TASK DIRECTIONS:
Take the lines below from the first through the one that contains "normal (-1, 0, 0)." and copy them exactly.

(THE DATA Opens)

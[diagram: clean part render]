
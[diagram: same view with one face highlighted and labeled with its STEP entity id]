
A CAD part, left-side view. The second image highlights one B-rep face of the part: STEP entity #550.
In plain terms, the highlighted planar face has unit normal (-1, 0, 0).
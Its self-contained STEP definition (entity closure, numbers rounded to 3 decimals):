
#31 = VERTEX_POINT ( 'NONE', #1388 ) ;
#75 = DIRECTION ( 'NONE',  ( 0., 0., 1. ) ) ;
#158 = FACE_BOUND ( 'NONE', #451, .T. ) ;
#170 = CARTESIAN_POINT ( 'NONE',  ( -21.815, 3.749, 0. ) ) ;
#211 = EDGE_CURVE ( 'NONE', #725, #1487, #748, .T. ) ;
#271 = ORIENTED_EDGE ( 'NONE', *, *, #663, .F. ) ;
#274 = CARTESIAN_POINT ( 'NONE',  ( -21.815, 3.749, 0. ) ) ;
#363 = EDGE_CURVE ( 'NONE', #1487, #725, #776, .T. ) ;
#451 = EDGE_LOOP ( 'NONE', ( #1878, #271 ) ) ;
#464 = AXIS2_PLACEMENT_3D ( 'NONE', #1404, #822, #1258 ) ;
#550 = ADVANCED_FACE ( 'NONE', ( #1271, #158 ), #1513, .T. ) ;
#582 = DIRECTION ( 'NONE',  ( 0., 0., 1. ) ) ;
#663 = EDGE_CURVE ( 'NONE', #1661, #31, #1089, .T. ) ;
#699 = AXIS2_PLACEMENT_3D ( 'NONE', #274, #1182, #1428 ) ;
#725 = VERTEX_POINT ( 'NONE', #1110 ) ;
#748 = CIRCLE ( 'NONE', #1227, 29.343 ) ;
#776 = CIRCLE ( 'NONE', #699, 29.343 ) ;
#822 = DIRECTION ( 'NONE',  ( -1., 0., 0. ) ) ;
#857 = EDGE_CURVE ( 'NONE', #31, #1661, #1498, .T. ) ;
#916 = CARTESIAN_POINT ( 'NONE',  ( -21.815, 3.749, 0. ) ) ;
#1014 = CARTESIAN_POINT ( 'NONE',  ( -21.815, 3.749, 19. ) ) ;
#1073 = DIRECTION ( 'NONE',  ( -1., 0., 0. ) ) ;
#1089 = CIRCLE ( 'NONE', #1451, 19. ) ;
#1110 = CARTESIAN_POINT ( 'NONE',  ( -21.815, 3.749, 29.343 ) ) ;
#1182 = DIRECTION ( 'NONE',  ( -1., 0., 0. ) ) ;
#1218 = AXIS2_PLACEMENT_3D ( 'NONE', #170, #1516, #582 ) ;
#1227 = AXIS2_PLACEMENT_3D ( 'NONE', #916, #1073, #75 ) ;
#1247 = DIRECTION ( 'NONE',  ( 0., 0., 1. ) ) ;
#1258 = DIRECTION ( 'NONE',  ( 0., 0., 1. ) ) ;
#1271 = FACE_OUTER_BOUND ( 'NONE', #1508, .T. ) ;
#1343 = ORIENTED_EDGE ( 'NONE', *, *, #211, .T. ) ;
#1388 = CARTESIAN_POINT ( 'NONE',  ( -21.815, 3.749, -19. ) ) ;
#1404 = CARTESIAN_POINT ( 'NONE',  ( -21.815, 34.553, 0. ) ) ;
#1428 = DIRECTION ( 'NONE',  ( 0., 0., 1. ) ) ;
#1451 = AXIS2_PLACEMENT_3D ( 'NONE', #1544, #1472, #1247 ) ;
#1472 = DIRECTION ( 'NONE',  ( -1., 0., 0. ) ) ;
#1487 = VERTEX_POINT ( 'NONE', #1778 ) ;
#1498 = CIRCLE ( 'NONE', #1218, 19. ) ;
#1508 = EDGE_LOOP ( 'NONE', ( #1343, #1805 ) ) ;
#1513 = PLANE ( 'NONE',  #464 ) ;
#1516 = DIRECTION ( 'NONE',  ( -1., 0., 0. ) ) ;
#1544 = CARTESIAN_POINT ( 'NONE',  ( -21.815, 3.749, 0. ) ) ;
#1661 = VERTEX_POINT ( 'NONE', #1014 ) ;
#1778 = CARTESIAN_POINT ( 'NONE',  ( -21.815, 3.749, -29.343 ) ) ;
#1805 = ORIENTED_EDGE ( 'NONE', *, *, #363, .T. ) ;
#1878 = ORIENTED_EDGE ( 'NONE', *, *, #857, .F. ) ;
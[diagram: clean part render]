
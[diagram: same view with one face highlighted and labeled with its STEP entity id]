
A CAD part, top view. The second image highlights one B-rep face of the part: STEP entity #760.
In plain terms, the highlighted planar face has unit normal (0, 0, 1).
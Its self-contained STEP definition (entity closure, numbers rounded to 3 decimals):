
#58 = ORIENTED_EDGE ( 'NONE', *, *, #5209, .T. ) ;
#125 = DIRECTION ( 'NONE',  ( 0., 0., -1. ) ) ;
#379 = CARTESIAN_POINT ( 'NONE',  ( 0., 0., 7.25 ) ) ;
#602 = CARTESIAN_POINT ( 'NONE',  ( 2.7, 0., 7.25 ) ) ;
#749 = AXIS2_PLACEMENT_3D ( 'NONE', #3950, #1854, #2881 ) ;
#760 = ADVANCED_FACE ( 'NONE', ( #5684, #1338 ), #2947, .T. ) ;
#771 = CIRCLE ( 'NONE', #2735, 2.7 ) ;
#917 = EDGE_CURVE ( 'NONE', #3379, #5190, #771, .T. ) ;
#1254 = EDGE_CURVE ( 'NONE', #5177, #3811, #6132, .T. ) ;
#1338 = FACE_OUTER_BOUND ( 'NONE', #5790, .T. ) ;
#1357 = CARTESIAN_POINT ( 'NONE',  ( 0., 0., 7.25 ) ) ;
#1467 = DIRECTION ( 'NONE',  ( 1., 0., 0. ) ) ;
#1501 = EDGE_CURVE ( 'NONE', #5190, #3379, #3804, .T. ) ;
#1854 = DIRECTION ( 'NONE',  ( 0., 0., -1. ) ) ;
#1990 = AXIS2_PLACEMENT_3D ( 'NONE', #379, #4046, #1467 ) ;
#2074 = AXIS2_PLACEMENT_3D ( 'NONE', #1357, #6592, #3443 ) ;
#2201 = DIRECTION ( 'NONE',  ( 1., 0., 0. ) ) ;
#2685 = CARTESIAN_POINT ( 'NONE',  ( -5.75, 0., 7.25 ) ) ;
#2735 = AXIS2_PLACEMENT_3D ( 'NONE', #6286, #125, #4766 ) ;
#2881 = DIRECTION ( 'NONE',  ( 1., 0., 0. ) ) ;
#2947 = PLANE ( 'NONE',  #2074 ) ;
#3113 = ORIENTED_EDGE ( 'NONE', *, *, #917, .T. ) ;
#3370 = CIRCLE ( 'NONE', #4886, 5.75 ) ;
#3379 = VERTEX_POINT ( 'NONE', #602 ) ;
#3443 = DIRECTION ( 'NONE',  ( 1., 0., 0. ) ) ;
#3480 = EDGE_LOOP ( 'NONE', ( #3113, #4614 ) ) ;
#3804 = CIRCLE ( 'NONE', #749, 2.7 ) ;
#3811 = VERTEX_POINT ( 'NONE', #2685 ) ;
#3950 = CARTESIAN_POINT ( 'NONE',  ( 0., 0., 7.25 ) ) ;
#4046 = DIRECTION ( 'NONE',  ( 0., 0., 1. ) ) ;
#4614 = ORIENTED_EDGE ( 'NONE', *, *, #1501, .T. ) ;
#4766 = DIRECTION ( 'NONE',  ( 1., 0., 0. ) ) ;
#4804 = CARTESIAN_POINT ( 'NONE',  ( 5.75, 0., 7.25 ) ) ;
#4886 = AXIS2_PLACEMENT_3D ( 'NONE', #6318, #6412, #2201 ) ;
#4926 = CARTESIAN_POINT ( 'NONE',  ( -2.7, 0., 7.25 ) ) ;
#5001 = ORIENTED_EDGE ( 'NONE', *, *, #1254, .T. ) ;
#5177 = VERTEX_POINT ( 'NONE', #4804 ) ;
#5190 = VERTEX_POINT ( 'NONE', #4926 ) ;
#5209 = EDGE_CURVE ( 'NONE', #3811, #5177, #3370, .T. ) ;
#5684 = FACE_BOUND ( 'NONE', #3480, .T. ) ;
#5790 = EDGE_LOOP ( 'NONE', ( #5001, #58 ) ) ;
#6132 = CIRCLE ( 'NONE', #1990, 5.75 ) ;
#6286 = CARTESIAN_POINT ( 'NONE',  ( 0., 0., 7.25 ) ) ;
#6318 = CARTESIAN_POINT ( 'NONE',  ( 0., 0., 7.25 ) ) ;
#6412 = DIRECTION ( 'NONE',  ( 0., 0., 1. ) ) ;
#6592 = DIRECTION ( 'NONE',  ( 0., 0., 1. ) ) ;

(THE DATA Closes)

RESPONSE TO THE EXERCISE:
[diagram: clean part render]
[diagram: same view with one face highlighted and labeled with its STEP entity id]
A CAD part, left-side view. The second image highlights one B-rep face of the part: STEP entity #550.
In plain terms, the highlighted planar face has unit normal (-1, 0, 0).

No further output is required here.